## Materials provided
########
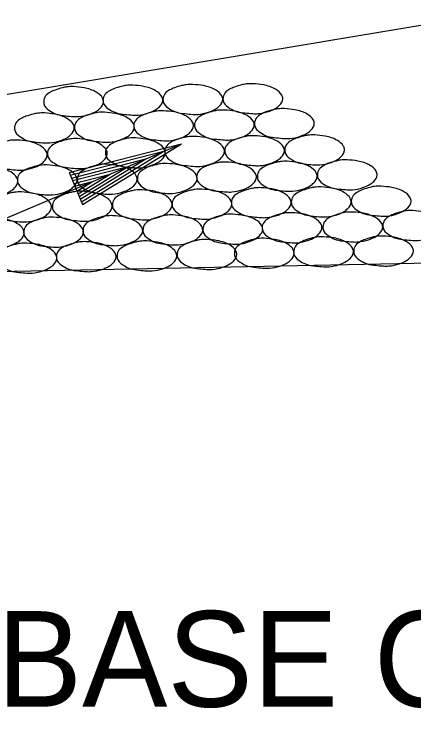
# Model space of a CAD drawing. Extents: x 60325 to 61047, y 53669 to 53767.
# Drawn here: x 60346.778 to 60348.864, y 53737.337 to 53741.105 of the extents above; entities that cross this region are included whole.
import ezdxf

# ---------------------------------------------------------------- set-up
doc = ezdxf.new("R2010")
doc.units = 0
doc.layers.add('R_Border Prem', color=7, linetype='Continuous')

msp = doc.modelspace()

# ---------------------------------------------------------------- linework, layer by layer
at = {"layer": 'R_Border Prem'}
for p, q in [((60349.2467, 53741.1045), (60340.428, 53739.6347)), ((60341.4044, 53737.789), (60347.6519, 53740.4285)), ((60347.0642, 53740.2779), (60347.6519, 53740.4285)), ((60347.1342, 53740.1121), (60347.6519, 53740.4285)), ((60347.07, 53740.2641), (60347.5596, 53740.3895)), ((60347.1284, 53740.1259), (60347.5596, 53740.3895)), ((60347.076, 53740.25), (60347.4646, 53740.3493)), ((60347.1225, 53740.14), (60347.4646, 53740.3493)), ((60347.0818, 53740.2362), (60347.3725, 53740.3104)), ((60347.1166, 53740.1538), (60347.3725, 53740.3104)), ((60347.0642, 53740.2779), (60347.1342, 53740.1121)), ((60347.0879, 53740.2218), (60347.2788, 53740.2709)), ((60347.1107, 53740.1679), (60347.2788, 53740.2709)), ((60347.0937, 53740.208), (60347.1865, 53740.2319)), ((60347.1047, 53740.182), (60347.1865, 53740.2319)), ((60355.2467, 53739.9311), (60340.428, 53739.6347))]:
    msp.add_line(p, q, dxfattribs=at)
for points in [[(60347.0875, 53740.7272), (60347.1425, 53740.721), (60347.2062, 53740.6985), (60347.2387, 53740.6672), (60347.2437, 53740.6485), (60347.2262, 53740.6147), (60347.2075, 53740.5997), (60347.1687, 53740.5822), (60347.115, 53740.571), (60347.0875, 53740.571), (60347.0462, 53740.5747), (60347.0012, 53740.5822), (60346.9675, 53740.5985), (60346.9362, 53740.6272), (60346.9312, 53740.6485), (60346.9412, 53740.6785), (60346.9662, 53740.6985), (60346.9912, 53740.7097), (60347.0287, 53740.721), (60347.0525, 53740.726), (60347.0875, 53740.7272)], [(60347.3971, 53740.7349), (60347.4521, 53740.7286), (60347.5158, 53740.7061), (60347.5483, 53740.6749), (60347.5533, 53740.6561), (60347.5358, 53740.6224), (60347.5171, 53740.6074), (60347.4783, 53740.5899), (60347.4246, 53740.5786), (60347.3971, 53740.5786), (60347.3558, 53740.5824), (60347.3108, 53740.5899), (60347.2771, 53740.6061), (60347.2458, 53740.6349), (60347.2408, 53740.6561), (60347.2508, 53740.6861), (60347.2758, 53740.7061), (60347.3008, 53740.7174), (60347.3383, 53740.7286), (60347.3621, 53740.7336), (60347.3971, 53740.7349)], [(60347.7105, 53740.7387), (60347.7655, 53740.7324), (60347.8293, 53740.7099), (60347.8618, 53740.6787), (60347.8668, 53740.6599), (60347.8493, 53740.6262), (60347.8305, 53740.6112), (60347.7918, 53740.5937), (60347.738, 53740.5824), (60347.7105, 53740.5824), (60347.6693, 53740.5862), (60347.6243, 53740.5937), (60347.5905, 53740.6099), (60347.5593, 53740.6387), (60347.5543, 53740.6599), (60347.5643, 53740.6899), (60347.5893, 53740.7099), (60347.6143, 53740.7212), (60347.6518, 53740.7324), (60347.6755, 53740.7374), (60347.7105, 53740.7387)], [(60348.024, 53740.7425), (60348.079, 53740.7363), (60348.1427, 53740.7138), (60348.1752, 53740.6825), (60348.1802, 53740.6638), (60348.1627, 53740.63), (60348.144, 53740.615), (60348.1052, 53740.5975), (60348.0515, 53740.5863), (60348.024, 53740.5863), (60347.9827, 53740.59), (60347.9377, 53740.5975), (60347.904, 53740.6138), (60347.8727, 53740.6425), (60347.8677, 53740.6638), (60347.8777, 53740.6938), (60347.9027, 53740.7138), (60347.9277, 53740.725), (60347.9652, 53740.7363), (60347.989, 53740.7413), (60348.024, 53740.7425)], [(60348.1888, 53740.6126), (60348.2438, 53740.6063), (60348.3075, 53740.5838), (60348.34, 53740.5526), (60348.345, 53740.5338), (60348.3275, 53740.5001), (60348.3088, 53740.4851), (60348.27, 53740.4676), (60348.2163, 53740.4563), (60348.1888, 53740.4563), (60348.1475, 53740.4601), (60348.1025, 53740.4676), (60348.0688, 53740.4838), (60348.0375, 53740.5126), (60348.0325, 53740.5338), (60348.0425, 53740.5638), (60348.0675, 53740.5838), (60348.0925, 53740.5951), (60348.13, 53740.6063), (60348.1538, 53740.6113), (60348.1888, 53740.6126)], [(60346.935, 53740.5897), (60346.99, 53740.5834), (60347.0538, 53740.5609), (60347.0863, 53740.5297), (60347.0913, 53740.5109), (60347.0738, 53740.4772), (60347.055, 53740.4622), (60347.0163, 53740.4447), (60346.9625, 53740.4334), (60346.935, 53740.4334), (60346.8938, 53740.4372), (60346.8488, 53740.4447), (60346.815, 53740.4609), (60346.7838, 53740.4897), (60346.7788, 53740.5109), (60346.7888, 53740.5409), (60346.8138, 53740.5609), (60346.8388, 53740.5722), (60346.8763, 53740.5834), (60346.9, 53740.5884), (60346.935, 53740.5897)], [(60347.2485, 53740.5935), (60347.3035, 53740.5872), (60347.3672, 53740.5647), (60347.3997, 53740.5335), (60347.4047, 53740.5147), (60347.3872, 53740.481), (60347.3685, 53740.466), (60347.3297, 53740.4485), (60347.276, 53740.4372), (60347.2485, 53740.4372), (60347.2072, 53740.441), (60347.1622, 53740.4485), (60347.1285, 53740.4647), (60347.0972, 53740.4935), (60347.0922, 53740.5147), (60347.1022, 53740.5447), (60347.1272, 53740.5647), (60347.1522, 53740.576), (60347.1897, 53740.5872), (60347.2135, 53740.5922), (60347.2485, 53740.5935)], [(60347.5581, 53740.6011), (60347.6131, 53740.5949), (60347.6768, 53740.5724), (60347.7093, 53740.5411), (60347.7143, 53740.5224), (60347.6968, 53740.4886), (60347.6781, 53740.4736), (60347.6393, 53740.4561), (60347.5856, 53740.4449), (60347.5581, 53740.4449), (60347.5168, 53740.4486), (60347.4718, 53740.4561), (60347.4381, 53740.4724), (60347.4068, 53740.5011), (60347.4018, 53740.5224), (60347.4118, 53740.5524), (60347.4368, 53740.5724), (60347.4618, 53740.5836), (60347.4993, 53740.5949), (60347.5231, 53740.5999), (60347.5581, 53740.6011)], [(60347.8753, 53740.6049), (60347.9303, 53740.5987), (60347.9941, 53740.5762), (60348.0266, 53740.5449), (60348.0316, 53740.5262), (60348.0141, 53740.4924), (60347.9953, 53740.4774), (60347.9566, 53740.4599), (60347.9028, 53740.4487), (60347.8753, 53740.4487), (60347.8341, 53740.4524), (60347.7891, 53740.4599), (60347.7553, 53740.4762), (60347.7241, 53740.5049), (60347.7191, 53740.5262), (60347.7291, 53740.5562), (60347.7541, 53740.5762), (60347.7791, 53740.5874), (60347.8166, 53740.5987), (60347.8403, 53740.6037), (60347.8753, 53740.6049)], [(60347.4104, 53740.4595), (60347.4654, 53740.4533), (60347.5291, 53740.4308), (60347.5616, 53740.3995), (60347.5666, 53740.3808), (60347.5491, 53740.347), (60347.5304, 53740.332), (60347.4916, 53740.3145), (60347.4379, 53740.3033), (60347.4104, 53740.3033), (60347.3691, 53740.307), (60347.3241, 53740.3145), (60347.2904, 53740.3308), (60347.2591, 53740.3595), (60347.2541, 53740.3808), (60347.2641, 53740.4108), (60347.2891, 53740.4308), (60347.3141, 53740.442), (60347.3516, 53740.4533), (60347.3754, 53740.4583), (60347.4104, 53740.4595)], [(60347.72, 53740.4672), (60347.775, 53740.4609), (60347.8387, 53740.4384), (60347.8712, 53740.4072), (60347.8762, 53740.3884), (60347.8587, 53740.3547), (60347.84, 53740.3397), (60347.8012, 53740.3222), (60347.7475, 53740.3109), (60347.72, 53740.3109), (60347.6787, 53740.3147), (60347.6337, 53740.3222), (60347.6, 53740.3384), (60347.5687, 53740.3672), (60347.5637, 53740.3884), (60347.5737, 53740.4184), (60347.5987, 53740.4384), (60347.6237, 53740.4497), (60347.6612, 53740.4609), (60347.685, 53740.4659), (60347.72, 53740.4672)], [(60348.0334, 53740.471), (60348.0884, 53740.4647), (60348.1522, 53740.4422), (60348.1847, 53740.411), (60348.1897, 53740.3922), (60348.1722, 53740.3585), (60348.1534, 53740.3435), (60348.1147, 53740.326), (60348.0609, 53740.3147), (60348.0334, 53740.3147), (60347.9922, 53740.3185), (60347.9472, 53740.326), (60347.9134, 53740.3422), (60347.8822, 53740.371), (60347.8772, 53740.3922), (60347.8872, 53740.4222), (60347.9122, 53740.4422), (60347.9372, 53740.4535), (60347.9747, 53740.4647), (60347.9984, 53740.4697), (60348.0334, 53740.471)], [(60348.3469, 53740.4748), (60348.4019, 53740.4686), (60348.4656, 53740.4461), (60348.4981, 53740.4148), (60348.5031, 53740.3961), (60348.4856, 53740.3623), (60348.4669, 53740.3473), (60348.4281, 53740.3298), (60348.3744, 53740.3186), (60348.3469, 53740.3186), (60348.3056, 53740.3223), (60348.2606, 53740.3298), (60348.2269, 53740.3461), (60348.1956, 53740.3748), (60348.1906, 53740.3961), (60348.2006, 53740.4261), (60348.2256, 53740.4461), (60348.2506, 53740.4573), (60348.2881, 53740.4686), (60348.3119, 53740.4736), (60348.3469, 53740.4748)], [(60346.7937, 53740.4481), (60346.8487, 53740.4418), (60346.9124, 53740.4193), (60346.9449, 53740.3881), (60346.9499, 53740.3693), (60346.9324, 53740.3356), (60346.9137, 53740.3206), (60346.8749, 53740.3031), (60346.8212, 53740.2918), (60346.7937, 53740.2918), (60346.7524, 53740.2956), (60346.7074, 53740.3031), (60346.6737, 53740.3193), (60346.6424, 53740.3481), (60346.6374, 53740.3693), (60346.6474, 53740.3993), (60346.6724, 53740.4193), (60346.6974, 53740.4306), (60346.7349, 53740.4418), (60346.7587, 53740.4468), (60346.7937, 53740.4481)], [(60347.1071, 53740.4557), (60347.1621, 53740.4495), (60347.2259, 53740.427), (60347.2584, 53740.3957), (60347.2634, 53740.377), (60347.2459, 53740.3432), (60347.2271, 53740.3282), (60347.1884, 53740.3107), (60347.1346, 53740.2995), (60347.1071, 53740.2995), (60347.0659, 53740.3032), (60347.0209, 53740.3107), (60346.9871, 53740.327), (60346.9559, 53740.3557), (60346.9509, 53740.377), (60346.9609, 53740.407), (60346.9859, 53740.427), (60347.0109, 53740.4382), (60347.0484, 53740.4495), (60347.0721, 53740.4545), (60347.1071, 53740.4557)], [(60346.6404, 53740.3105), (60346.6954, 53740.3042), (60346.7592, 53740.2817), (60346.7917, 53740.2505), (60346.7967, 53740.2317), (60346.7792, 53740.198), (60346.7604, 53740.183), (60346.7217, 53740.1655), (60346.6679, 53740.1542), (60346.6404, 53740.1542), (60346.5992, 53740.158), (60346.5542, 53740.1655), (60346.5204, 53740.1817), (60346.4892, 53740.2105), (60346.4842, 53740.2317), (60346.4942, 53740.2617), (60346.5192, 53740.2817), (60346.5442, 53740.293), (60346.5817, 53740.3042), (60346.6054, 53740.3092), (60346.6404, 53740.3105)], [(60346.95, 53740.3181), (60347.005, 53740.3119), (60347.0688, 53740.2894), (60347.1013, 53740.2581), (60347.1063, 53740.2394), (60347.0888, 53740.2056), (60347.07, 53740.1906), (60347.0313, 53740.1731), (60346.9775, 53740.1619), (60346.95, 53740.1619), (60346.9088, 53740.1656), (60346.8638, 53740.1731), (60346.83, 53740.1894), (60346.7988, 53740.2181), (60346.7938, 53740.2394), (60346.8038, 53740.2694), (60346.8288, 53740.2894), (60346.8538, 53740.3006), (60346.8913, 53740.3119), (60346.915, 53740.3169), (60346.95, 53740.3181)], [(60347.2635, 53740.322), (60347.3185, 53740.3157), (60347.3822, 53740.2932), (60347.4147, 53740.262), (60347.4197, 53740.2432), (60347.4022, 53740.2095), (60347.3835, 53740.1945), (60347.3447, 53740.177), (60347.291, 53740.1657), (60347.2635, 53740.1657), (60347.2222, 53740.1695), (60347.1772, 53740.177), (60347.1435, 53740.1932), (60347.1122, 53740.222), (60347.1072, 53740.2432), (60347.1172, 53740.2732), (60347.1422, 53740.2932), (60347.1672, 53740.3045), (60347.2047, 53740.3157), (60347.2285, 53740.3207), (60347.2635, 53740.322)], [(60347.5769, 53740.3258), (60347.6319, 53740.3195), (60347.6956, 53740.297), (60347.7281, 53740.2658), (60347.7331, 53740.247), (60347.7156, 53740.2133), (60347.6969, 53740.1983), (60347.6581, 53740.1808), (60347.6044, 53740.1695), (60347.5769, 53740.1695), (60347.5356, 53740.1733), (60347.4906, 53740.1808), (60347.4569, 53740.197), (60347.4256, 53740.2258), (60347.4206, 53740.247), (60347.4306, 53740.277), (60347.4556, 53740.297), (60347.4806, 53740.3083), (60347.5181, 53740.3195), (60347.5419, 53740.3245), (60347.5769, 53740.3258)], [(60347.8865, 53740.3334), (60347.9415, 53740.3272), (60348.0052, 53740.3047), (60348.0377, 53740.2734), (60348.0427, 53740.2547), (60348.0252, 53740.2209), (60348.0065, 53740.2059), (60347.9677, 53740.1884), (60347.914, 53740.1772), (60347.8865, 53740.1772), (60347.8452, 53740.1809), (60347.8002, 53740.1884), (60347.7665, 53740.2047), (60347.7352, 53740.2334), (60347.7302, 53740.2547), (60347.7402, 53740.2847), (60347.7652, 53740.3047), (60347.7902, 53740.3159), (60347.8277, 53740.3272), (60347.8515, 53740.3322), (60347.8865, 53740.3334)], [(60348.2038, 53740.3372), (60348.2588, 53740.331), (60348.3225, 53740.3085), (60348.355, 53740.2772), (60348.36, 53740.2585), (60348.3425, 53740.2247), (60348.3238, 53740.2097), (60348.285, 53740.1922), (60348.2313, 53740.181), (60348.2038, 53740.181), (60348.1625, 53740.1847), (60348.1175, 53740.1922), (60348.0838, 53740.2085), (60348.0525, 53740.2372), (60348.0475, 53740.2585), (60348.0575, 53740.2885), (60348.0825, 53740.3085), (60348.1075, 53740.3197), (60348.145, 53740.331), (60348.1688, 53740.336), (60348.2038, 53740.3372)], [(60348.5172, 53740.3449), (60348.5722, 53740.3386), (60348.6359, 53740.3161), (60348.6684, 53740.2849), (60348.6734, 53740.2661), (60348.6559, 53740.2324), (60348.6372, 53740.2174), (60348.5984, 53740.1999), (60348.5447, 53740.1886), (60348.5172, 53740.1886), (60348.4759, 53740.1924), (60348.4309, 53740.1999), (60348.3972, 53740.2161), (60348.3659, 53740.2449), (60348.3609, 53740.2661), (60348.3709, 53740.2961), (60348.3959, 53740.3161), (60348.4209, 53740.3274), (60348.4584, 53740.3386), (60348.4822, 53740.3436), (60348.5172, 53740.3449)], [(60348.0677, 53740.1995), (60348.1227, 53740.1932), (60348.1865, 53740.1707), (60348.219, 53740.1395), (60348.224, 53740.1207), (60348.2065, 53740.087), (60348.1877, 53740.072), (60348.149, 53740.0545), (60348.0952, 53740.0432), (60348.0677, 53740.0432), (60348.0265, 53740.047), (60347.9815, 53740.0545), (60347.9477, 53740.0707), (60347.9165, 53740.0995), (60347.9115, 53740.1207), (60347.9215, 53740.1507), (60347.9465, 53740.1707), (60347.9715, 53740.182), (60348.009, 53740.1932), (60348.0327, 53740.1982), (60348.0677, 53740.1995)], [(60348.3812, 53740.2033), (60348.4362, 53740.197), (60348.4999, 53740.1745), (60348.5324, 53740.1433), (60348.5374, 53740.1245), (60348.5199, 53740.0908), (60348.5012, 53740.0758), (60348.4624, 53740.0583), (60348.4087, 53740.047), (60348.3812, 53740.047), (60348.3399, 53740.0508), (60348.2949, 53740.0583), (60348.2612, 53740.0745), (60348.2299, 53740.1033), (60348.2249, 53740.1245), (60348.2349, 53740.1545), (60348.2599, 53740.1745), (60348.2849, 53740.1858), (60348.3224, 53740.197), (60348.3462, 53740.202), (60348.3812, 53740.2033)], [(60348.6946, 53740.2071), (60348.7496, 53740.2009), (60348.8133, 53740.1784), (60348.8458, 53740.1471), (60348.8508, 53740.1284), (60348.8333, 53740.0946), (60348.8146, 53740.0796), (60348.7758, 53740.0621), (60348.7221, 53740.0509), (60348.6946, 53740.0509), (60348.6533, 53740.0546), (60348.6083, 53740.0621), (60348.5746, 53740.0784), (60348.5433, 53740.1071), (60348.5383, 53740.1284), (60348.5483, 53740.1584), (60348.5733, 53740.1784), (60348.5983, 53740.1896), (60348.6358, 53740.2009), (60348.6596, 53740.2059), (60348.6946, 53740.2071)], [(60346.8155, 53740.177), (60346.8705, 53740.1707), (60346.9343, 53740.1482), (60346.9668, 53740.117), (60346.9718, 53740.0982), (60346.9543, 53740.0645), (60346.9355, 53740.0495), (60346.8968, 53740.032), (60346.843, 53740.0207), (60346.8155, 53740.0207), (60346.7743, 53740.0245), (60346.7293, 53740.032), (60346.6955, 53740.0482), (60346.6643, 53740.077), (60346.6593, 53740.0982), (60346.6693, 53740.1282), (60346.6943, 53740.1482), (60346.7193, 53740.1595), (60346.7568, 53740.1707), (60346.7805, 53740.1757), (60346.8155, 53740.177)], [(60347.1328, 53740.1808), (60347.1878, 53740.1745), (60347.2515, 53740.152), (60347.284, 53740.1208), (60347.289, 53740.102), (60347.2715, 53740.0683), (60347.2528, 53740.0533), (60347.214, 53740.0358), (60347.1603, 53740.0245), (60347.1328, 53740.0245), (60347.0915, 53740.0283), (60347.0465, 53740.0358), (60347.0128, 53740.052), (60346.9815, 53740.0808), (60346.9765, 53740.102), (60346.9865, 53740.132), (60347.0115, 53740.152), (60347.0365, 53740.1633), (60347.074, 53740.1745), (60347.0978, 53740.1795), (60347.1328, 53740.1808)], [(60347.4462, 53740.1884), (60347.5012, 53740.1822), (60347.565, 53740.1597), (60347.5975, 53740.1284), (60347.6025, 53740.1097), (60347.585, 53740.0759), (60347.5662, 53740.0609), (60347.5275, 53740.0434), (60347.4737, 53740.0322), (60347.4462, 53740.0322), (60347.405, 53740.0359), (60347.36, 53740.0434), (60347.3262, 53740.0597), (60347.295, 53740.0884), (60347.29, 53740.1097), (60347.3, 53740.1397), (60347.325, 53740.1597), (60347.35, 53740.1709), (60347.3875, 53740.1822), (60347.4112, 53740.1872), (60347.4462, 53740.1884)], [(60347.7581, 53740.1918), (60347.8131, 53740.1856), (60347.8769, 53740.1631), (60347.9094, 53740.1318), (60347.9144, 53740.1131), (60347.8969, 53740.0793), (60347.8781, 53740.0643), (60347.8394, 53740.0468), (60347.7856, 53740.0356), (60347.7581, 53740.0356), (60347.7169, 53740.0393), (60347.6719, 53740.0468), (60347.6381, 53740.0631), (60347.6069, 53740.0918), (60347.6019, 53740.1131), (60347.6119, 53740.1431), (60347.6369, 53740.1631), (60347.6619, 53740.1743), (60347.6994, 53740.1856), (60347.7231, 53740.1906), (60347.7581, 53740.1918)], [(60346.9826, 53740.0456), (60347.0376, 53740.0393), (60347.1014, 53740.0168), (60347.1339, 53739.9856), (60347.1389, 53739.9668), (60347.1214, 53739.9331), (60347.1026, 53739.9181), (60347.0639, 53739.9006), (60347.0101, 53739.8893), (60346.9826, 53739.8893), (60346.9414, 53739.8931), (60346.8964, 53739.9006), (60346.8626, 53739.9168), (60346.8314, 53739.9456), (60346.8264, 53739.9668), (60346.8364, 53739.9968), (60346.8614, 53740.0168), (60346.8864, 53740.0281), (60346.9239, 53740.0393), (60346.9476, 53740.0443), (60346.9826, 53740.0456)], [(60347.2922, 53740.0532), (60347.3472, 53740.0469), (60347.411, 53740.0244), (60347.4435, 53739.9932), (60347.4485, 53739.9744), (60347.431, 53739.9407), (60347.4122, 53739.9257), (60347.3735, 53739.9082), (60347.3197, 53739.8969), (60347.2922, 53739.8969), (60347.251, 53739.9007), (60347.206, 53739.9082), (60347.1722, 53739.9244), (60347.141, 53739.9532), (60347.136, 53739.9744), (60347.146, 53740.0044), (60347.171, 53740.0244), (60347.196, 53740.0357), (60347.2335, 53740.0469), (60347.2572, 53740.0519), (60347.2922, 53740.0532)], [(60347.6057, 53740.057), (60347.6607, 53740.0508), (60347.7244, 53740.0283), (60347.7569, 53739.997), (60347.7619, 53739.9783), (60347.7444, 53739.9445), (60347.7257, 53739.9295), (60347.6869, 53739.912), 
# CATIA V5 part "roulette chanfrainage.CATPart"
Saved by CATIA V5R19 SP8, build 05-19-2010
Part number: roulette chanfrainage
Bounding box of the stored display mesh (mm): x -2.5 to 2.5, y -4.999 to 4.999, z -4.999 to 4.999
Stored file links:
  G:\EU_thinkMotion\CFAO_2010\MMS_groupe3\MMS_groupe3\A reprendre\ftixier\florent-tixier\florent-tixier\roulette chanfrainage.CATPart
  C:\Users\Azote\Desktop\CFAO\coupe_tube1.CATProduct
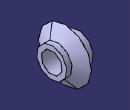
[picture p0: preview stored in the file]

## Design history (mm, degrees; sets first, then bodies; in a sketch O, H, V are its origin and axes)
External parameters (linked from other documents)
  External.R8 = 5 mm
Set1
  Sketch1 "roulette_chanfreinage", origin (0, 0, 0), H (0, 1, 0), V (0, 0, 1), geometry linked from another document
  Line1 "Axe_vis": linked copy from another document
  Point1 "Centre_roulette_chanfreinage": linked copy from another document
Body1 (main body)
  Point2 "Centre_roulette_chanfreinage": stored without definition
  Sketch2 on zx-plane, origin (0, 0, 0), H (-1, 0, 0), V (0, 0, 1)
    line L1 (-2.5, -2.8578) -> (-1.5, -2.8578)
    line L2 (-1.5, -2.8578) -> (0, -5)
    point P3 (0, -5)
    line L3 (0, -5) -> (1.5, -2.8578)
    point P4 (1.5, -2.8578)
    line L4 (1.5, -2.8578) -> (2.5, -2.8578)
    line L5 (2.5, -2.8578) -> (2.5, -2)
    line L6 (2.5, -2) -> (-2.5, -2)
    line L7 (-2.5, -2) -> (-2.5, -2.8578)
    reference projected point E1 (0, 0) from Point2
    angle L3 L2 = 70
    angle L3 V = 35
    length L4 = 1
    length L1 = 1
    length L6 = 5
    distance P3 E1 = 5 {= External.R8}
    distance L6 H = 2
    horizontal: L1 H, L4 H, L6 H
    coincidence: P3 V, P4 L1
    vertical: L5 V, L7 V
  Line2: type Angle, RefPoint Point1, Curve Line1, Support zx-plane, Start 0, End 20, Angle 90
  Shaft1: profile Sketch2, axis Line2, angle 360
########
## Exercise details
Only the lines from the start of the records to the one containing "msp = doc.modelspace()" should be repeated, exactly and with both ends kept; drop any pictures.

## Expected answer
# Model space of a CAD drawing. Extents: x 60325 to 61047, y 53669 to 53767.
# Drawn here: x 60346.778 to 60348.864, y 53737.337 to 53741.105 of the extents above; entities that cross this region are included whole.
import ezdxf

# ---------------------------------------------------------------- set-up
doc = ezdxf.new("R2010")
doc.units = 0
doc.layers.add('R_Border Prem', color=7, linetype='Continuous')

msp = doc.modelspace()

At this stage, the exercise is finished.